I just try to scrape off what I can before using, otherwise I just figure it adds flavor !


----------



## marytx (Dec 4, 2002)

Yep, you're always going to get some. But it spoons off easily enough. It's okay.


----------



## countryfied2011 (Jul 5, 2011)

Thanks so much everyone....I was really concerned because I know you should try to keep meat as lean as you can so I worked really hard to not have any grease. Feel a whole lot better now. 

I cooked it before I canned it and did what Canning Granny does and added some beef broth. It actually tasted quite good before I canned it...lol


----------



## beegrowing (Apr 1, 2014)

I think the only concern is long term storage. Over time,like more than a year? fats may get an "off" taste slowly? like rancid flavor---correct me experienced folks if that's wrong! I'd like to know the oldest home canned greasy meat you've opened that still tasted great!??? Most of what I've read says to rotate meats in a year or so.


----------



## Wendy (May 10, 2002)

We are eating canned ground sausage that is 2 years old & it tastes fine.


----------



## FireMaker (Apr 3, 2014)

Grease is good. Easy to scrape off and give to fido. We are still eating 10yo canned venison. I always put a cube of beef kidney fat in the bottom. After it out of the canner, there will be a nice layer of fat at the top.


----------



## Vosey (Dec 8, 2012)

I like to can taco meat, there's always grease at the top no matter how much I strain/rinse/drain it. 2 years is the oldest we've eaten as we tend to go through it quickly, but no issues with seals so far.


----------



## suitcase_sally (Mar 20, 2006)

beegrowing said:


> I think the only concern is long term storage. Over time,like more than a year? fats may get an "off" taste slowly? like rancid flavor---correct me experienced folks if that's wrong! I'd like to know the oldest home canned greasy meat you've opened that still tasted great!??? Most of what I've read says to rotate meats in a year or so.

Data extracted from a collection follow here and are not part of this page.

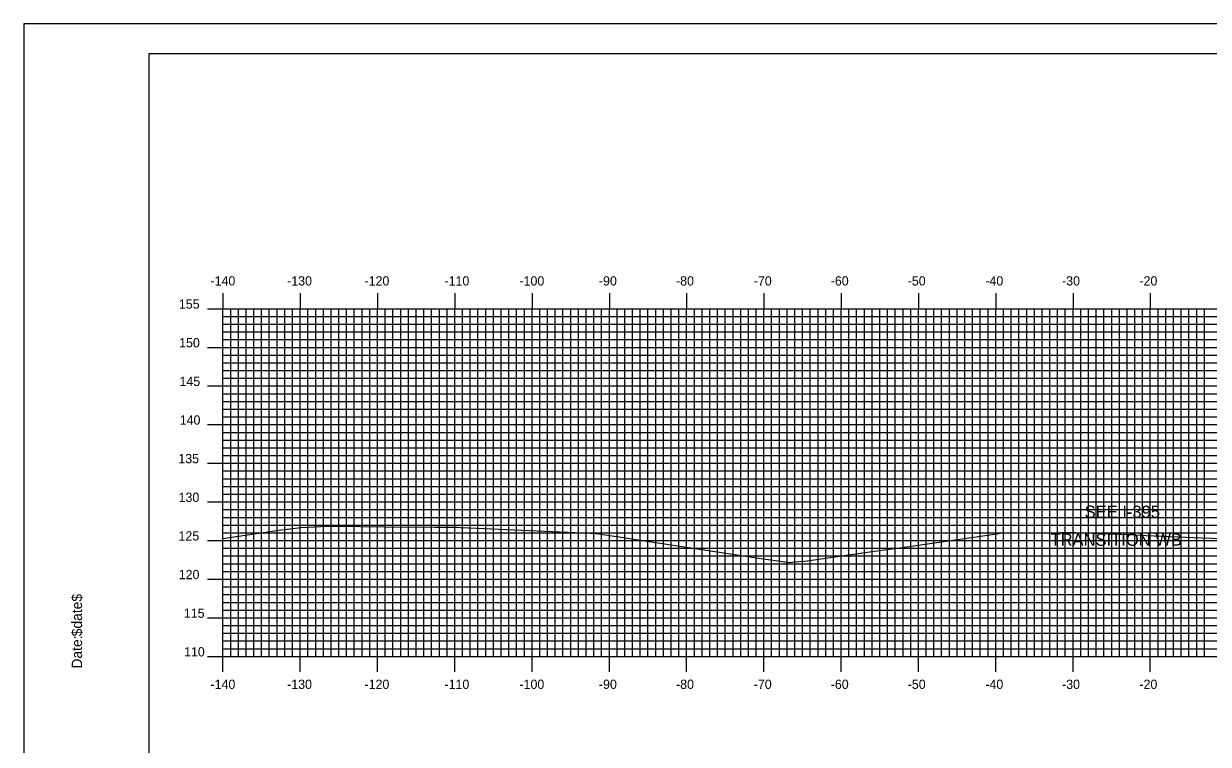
# Model space of a CAD drawing. Extents: x 854508 to 854851, y 364661 to 364881.
# Drawn here: x 854508 to 854661.3, y 364788 to 364881.3 of the extents above; entities that cross this region are included whole.
import ezdxf

# ---------------------------------------------------------------- set-up
doc = ezdxf.new("R2010")
doc.units = 0
for name, color, linetype in [('ANNOTATION', 7, 'Continuous'), ('BORDER', 7, 'Continuous'), ('H_V ANNOTATION', 7, 'Continuous'), ('M_Roadway_Centerline', 7, 'Continuous'), ('MAJOR', 7, 'Continuous'), ('MINOR', 7, 'Continuous'), ('PLOT BOUNDARY', 7, 'Continuous'), ('S_Roadway_Centerline', 7, 'Continuous')]:
    doc.layers.add(name, color=color, linetype=linetype)

msp = doc.modelspace()

# ---------------------------------------------------------------- linework, layer by layer
at = {"layer": 'BORDER'}
msp.add_lwpolyline([(854524.23, 364667.37), (854844.23, 364667.37), (854844.23, 364877.37), (854524.23, 364877.37)], close=True, dxfattribs=at)
at = {"layer": 'MAJOR'}
for p, q in [((854533.83, 364846.37), (854533.83, 364844.37)), ((854543.83, 364846.37), (854543.83, 364844.37)), ((854553.83, 364846.37), (854553.83, 364844.37)), ((854563.83, 364846.37), (854563.83, 364844.37)), ((854573.83, 364846.37), (854573.83, 364844.37)), ((854583.83, 364846.37), (854583.83, 364844.37)), ((854593.83, 364846.37), (854593.83, 364844.37)), ((854603.83, 364846.37), (854603.83, 364844.37)), ((854613.83, 364846.37), (854613.83, 364844.37)), ((854623.83, 364846.37), (854623.83, 364844.37)), ((854633.83, 364846.37), (854633.83, 364844.37)), ((854643.83, 364846.37), (854643.83, 364844.37)), ((854653.83, 364846.37), (854653.83, 364844.37)), ((854531.83, 364844.37), (854533.83, 364844.37)), ((854533.83, 364844.37), (854813.83, 364844.37)), ((854533.83, 364799.37), (854533.83, 364844.37)), ((854533.83, 364799.37), (854533.83, 364844.37)), ((854533.83, 364844.37), (854813.83, 364844.37)), ((854543.83, 364799.37), (854543.83, 364844.37)), ((854553.83, 364799.37), (854553.83, 364844.37)), ((854563.83, 364799.37), (854563.83, 364844.37)), ((854573.83, 364799.37), (854573.83, 364844.37)), ((854583.83, 364799.37), (854583.83, 364844.37)), ((854593.83, 364799.37), (854593.83, 364844.37)), ((854603.83, 364799.37), (854603.83, 364844.37)), ((854613.83, 364799.37), (854613.83, 364844.37)), ((854623.83, 364799.37), (854623.83, 364844.37)), ((854633.83, 364799.37), (854633.83, 364844.37)), ((854643.83, 364799.37), (854643.83, 364844.37)), ((854653.83, 364799.37), (854653.83, 364844.37)), ((854531.83, 364839.37), (854533.83, 364839.37)), ((854533.83, 364839.37), (854813.83, 364839.37)), ((854531.83, 364834.37), (854533.83, 364834.37)), ((854533.83, 364834.37), (854813.83, 364834.37)), ((854531.83, 364829.37), (854533.83, 364829.37)), ((854533.83, 364829.37), (854813.83, 364829.37)), ((854531.83, 364824.37), (854533.83, 364824.37)), ((854533.83, 364824.37), (854813.83, 364824.37)), ((854531.83, 364819.37), (854533.83, 364819.37)), ((854533.83, 364819.37), (854813.83, 364819.37)), ((854531.83, 364814.37), (854533.83, 364814.37)), ((854533.83, 364814.37), (854813.83, 364814.37)), ((854531.83, 364809.37), (854533.83, 364809.37)), ((854533.83, 364809.37), (854813.83, 364809.37)), ((854531.83, 364804.37), (854533.83, 364804.37)), ((854533.83, 364804.37), (854813.83, 364804.37)), ((854531.83, 364799.37), (854533.83, 364799.37)), ((854533.83, 364799.37), (854813.83, 364799.37)), ((854533.83, 364799.37), (854813.83, 364799.37)), ((854533.83, 364797.37), (854533.83, 364799.37)), ((854543.83, 364797.37), (854543.83, 364799.37)), ((854553.83, 364797.37), (854553.83, 364799.37)), ((854563.83, 364797.37), (854563.83, 364799.37)), ((854573.83, 364797.37), (854573.83, 364799.37)), ((854583.83, 364797.37), (854583.83, 364799.37)), ((854593.83, 364797.37), (854593.83, 364799.37)), ((854603.83, 364797.37), (854603.83, 364799.37)), ((854613.83, 364797.37), (854613.83, 364799.37)), ((854623.83, 364797.37), (854623.83, 364799.37)), ((854633.83, 364797.37), (854633.83, 364799.37)), ((854643.83, 364797.37), (854643.83, 364799.37)), ((854653.83, 364797.37), (854653.83, 364799.37))]:
    msp.add_line(p, q, dxfattribs=at)
at = {"layer": 'MINOR'}
for p, q in [((854534.83, 364799.37), (854534.83, 364844.37)), ((854535.83, 364799.37), (854535.83, 364844.37)), ((854536.83, 364799.37), (854536.83, 364844.37)), ((854537.83, 364799.37), (854537.83, 364844.37)), ((854538.83, 364799.37), (854538.83, 364844.37)), ((854539.83, 364799.37), (854539.83, 364844.37)), ((854540.83, 364799.37), (854540.83, 364844.37)), ((854541.83, 364799.37), (854541.83, 364844.37)), ((854542.83, 364799.37), (854542.83, 364844.37)), ((854544.83, 364799.37), (854544.83, 364844.37)), ((854545.83, 364799.37), (854545.83, 364844.37)), ((854546.83, 364799.37), (854546.83, 364844.37)), ((854547.83, 364799.37), (854547.83, 364844.37)), ((854548.83, 364799.37), (854548.83, 364844.37)), ((854549.83, 364799.37), (854549.83, 364844.37)), ((854550.83, 364799.37), (854550.83, 364844.37)), ((854551.83, 364799.37), (854551.83, 364844.37)), ((854552.83, 364799.37), (854552.83, 364844.37)), ((854554.83, 364799.37), (854554.83, 364844.37)), ((854555.83, 364799.37), (854555.83, 364844.37)), ((854556.83, 364799.37), (854556.83, 364844.37)), ((854557.83, 364799.37), (854557.83, 364844.37)), ((854558.83, 364799.37), (854558.83, 364844.37)), ((854559.83, 364799.37), (854559.83, 364844.37)), ((854560.83, 364799.37), (854560.83, 364844.37)), ((854561.83, 364799.37), (854561.83, 364844.37)), ((854562.83, 364799.37), (854562.83, 364844.37)), ((854564.83, 364799.37), (854564.83, 364844.37)), ((854565.83, 364799.37), (854565.83, 364844.37)), ((854566.83, 364799.37), (854566.83, 364844.37)), ((854567.83, 364799.37), (854567.83, 364844.37)), ((854568.83, 364799.37), (854568.83, 364844.37)), ((854569.83, 364799.37), (854569.83, 364844.37)), ((854570.83, 364799.37), (854570.83, 364844.37)), ((854571.83, 364799.37), (854571.83, 364844.37)), ((854572.83, 364799.37), (854572.83, 364844.37)), ((854574.83, 364799.37), (854574.83, 364844.37)), ((854575.83, 364799.37), (854575.83, 364844.37)), ((854576.83, 364799.37), (854576.83, 364844.37)), ((854577.83, 364799.37), (854577.83, 364844.37)), ((854578.83, 364799.37), (854578.83, 364844.37)), ((854579.83, 364799.37), (854579.83, 364844.37)), ((854580.83, 364799.37), (854580.83, 364844.37)), ((854581.83, 364799.37), (854581.83, 364844.37)), ((854582.83, 364799.37), (854582.83, 364844.37)), ((854584.83, 364799.37), (854584.83, 364844.37)), ((854585.83, 364799.37), (854585.83, 364844.37)), ((854586.83, 364799.37), (854586.83, 364844.37)), ((854587.83, 364799.37), (854587.83, 364844.37)), ((854588.83, 364799.37), (854588.83, 364844.37)), ((854589.83, 364799.37), (854589.83, 364844.37)), ((854590.83, 364799.37), (854590.83, 364844.37)), ((854591.83, 364799.37), (854591.83, 364844.37)), ((854592.83, 364799.37), (854592.83, 364844.37)), ((854594.83, 364799.37), (854594.83, 364844.37)), ((854595.83, 364799.37), (854595.83, 364844.37)), ((854596.83, 364799.37), (854596.83, 364844.37)), ((854597.83, 364799.37), (854597.83, 364844.37)), ((854598.83, 364799.37), (854598.83, 364844.37)), ((854599.83, 364799.37), (854599.83, 364844.37)), ((854600.83, 364799.37), (854600.83, 364844.37)), ((854601.83, 364799.37), (854601.83, 364844.37)), ((854602.83, 364799.37), (854602.83, 364844.37)), ((854604.83, 364799.37), (854604.83, 364844.37)), ((854605.83, 364799.37), (854605.83, 364844.37)), ((854606.83, 364799.37), (854606.83, 364844.37)), ((854607.83, 364799.37), (854607.83, 364844.37)), ((854608.83, 364799.37), (854608.83, 364844.37)), ((854609.83, 364799.37), (854609.83, 364844.37)), ((854610.83, 364799.37), (854610.83, 364844.37)), ((854611.83, 364799.37), (854611.83, 364844.37)), ((854612.83, 364799.37), (854612.83, 364844.37)), ((854614.83, 364799.37), (854614.83, 364844.37)), ((854615.83, 364799.37), (854615.83, 364844.37)), ((854616.83, 364799.37), (854616.83, 364844.37)), ((854617.83, 364799.37), (854617.83, 364844.37)), ((854618.83, 364799.37), (854618.83, 364844.37)), ((854619.83, 364799.37), (854619.83, 364844.37)), ((854620.83, 364799.37), (854620.83, 364844.37)), ((854621.83, 364799.37), (854621.83, 364844.37)), ((854622.83, 364799.37), (854622.83, 364844.37)), ((854624.83, 364799.37), (854624.83, 364844.37)), ((854625.83, 364799.37), (854625.83, 364844.37)), ((854626.83, 364799.37), (854626.83, 364844.37)), ((854627.83, 364799.37), (854627.83, 364844.37)), ((854628.83, 364799.37), (854628.83, 364844.37)), ((854629.83, 364799.37), (854629.83, 364844.37)), ((854630.83, 364799.37), (854630.83, 364844.37)), ((854631.83, 364799.37), (854631.83, 364844.37)), ((854632.83, 364799.37), (854632.83, 364844.37)), ((854634.83, 364799.37), (854634.83, 364844.37)), ((854635.83, 364799.37), (854635.83, 364844.37)), ((854636.83, 364799.37), (854636.83, 364844.37)), ((854637.83, 364799.37), (854637.83, 364844.37)), ((854638.83, 364799.37), (854638.83, 364844.37)), ((854639.83, 364799.37), (854639.83, 364844.37)), ((854640.83, 364799.37), (854640.83, 364844.37)), ((854641.83, 364799.37), (854641.83, 364844.37)), ((854642.83, 364799.37), (854642.83, 364844.37)), ((854644.83, 364799.37), (854644.83, 364844.37)), ((854645.83, 364799.37), (854645.83, 364844.37)), ((854646.83, 364799.37), (854646.83, 364844.37)), ((854647.83, 364799.37), (854647.83, 364844.37)), ((854648.83, 364799.37), (854648.83, 364844.37)), ((854649.83, 364799.37), (854649.83, 364844.37)), ((854650.83, 364799.37), (854650.83, 364844.37)), ((854651.83, 364799.37), (854651.83, 364844.37)), ((854652.83, 364799.37), (854652.83, 364844.37)), ((854654.83, 364799.37), (854654.83, 364844.37)), ((854655.83, 364799.37), (854655.83, 364844.37)), ((854656.83, 364799.37), (854656.83, 364844.37)), ((854657.83, 364799.37), (854657.83, 364844.37)), ((854658.83, 364799.37), (854658.83, 364844.37)), ((854659.83, 364799.37), (854659.83, 364844.37)), ((854660.83, 364799.37), (854660.83, 364844.37)), ((854533.83, 364843.37), (854813.83, 364843.37)), ((854533.83, 364843.37), (854535.84, 364843.37)), ((854533.83, 364842.37), (854813.83, 364842.37)), ((854533.83, 364842.37), (854535.84, 364842.37)), ((854533.83, 364841.37), (854813.83, 364841.37)), ((854533.83, 364841.37), (854535.84, 364841.37)), ((854533.83, 364840.37), (854813.83, 364840.37)), ((854533.83, 364840.37), (854535.84, 364840.37)), ((854533.83, 364838.37), (854813.83, 364838.37)), ((854533.83, 364838.37), (854535.84, 364838.37)), ((854533.83, 364837.37), (854813.83, 364837.37)), ((854533.83, 364837.37), (854535.84, 364837.37)), ((854533.83, 364836.37), (854813.83, 364836.37)), ((854533.83, 364836.37), (854535.84, 364836.37)), ((854533.83, 364835.37), (854813.83, 364835.37)), ((854533.83, 364835.37), (854535.84, 364835.37)), ((854533.83, 364833.37), (854813.83, 364833.37)), ((854533.83, 364833.37), (854535.84, 364833.37)), ((854533.83, 364832.37), (854813.83, 364832.37)), ((854533.83, 364832.37), (854535.84, 364832.37)), ((854533.83, 364831.37), (854813.83, 364831.37)), ((854533.83, 364831.37), (854535.84, 364831.37)), ((854533.83, 364830.37), (854813.83, 364830.37)), ((854533.83, 364830.37), (854535.84, 364830.37)), ((854533.83, 364828.37), (854813.83, 364828.37)), ((854533.83, 364828.37), (854535.84, 364828.37)), ((854533.83, 364827.37), (854813.83, 364827.37)), ((854533.83, 364827.37), (854535.84, 364827.37)), ((854533.83, 364826.37), (854813.83, 364826.37)), ((854533.83, 364826.37), (854535.84, 364826.37)), ((854533.83, 364825.37), (854813.83, 364825.37)), ((854533.83, 364825.37), (854535.84, 364825.37)), ((854533.83, 364823.37), (854813.83, 364823.37)), ((854533.83, 364823.37), (854535.84, 364823.37)), ((854533.83, 364822.37), (854813.83, 364822.37)), ((854533.83, 364822.37), (854535.84, 364822.37)), ((854533.83, 364821.37), (854813.83, 364821.37)), ((854533.83, 364821.37), (854535.84, 364821.37)), ((854533.83, 364820.37), (854813.83, 364820.37)), ((854533.83, 364820.37), (854535.84, 364820.37)), ((854533.83, 364818.37), (854813.83, 364818.37)), ((854533.83, 364818.37), (854535.84, 364818.37)), ((854533.83, 364817.37), (854813.83, 364817.37)), ((854533.83, 364817.37), (854535.84, 364817.37)), ((854533.83, 364816.37), (854813.83, 364816.37)), ((854533.83, 364816.37), (854535.84, 364816.37)), ((854533.83, 364815.37), (854813.83, 364815.37)), ((854533.83, 364815.37), (854535.84, 364815.37)), ((854533.83, 364813.37), (854813.83, 364813.37)), ((854533.83, 364813.37), (854535.84, 364813.37)), ((854533.83, 364812.37), (854813.83, 364812.37)), ((854533.83, 364812.37), (854535.84, 364812.37)), ((854533.83, 364811.37), (854813.83, 364811.37)), ((854533.83, 364811.37), (854535.84, 364811.37)), ((854533.83, 364810.37), (854813.83, 364810.37)), ((854533.83, 364810.37), (854535.84, 364810.37)), ((854533.83, 364808.37), (854813.83, 364808.37)), ((854533.83, 364808.37), (854535.84, 364808.37)), ((854533.83, 364807.37), (854813.83, 364807.37)), ((854533.83, 364807.37), (854535.84, 364807.37)), ((854533.83, 364806.37), (854813.83, 364806.37)), ((854533.83, 364806.37), (854535.84, 364806.37)), ((854533.83, 364805.37), (854813.83, 364805.37)), ((854533.83, 364805.37), (854535.84, 364805.37)), ((854533.83, 364803.37), (854813.83, 364803.37)), ((854533.83, 364803.37), (854535.84, 364803.37)), ((854533.83, 364802.37), (854813.83, 364802.37)), ((854533.83, 364802.37), (854535.84, 364802.37)), ((854533.83, 364801.37), (854813.83, 364801.37)), ((854533.83, 364801.37), (854535.84, 364801.37)), ((854533.83, 364800.37), (854813.83, 364800.37)), ((854533.83, 364800.37), (854535.84, 364800.37))]:
    msp.add_line(p, q, dxfattribs=at)
at = {"layer": 'PLOT BOUNDARY'}
msp.add_lwpolyline([(854508.05, 364661.25), (854848.05, 364661.25), (854848.05, 364881.25), (854508.05, 364881.25)], close=True, dxfattribs=at)
at = {"layer": 'S_Roadway_Centerline'}
msp.add_lwpolyline([(854533.83, 364814.65), (854541.07, 364815.69), (854543.92, 364816.06), (854546.49, 364816.19), (854548.34, 364816.24), (854554.86, 364816.14), (854561.24, 364816.1), (854563.75, 364816.09), (854564.12, 364816.08), (854564.61, 364816.05), (854575.47, 364815.59), (854581.33, 364815.34), (854581.54, 364815.33), (854581.76, 364815.31), (854585.08, 364814.86), (854586.99, 364814.54), (854603.17, 364812.07), (854607.13, 364811.54), (854607.67, 364811.63), (854609.12, 364811.69), (854617.82, 364812.94), (854620.37, 364813.28), (854621.13, 364813.38), (854633.99, 364815.25), (854634.67, 364815.36), (854642.18, 364815.42), (854644.17, 364815.39), (854650.84, 364815.16), (854651.18, 364815.15), (854653.31, 364815.03), (854660.46, 364814.7), (854678.65, 364814.12)], dxfattribs=at)

# ---------------------------------------------------------------- texts
at = {"layer": 'ANNOTATION'}
for s, p in [('SEE I-395 ', (854645.33, 364817.29)), ('TRANSITION WB', (854640.92, 364813.69))]:
    msp.add_text(s, height=1.6, dxfattribs=at).set_placement(p)
at = {"layer": 'BORDER'}
for s, p in [('$date$', (854515.6, 364801.98)), ('Date:', (854515.6, 364797.8))]:
    msp.add_text(s, height=1.339, rotation=90, dxfattribs=at).set_placement(p)
at = {"layer": 'H_V ANNOTATION'}
for s, p in [('-140', (854532.22, 364847.37)), ('-130', (854542.14, 364847.37)), ('-120', (854552.15, 364847.37)), ('-110', (854562.5, 364847.37)), ('-100', (854572.2, 364847.37)), ('-90', (854582.48, 364847.37)), ('-80', (854592.46, 364847.37)), ('-70', (854602.52, 364847.37)), ('-60', (854612.48, 364847.37)), ('-50', (854622.44, 364847.37)), ('-40', (854632.48, 364847.37)), ('-30', (854642.41, 364847.37)), ('-20', (854652.42, 364847.37)), ('155', (854528.13, 364844.37)), ('150', (854528.16, 364839.37)), ('145', (854528.21, 364834.37)), ('140', (854528.24, 364829.37)), ('135', (854528.06, 364824.37)), ('130', (854528.09, 364819.37)), ('125', (854528.08, 364814.37)), ('120', (854528.11, 364809.37)), ('115', (854528.77, 364804.37)), ('110', (854528.8, 364799.37)), ('-140', (854532.22, 364795.17)), ('-130', (854542.14, 364795.17)), ('-120', (854552.15, 364795.17)), ('-110', (854562.5, 364795.17)), ('-100', (854572.2, 364795.17)), ('-90', (854582.48, 364795.17)), ('-80', (854592.46, 364795.17)), ('-70', (854602.52, 364795.17)), ('-60', (854612.48, 364795.17)), ('-50', (854622.44, 364795.17)), ('-40', (854632.48, 364795.17)), ('-30', (854642.41, 364795.17)), ('-20', (854652.42, 364795.17))]:
    msp.add_text(s, height=1.2, dxfattribs=at).set_placement(p)
at = {"layer": 'M_Roadway_Centerline'}
for s, p in [('C', (854564.11, 364816.08)), ('L', (854564.12, 364816.07)), ('C', (854651.17, 364815.15)), ('L', (854651.18, 364815.15))]:
    msp.add_text(s, height=0.0146, dxfattribs=at).set_placement(p)
at = {"layer": 'MAJOR'}
msp.add_text('-', height=0.012, dxfattribs=at).set_placement((854533.82, 364799.37))

doc.saveas('drawing.dxf')

I've never heard that, nor have I experienced that. Think about what rancidity is - caused by exposure to oxygen. There is very little oxygen in a properly canned jar of meat. There is less chance of the fat in canned meat showing rancidity than in frozen meat.


----------



## Astrid (Nov 13, 2010)

We still have canned meat with a layer of fat on top that is over 5 years old and still good.


----------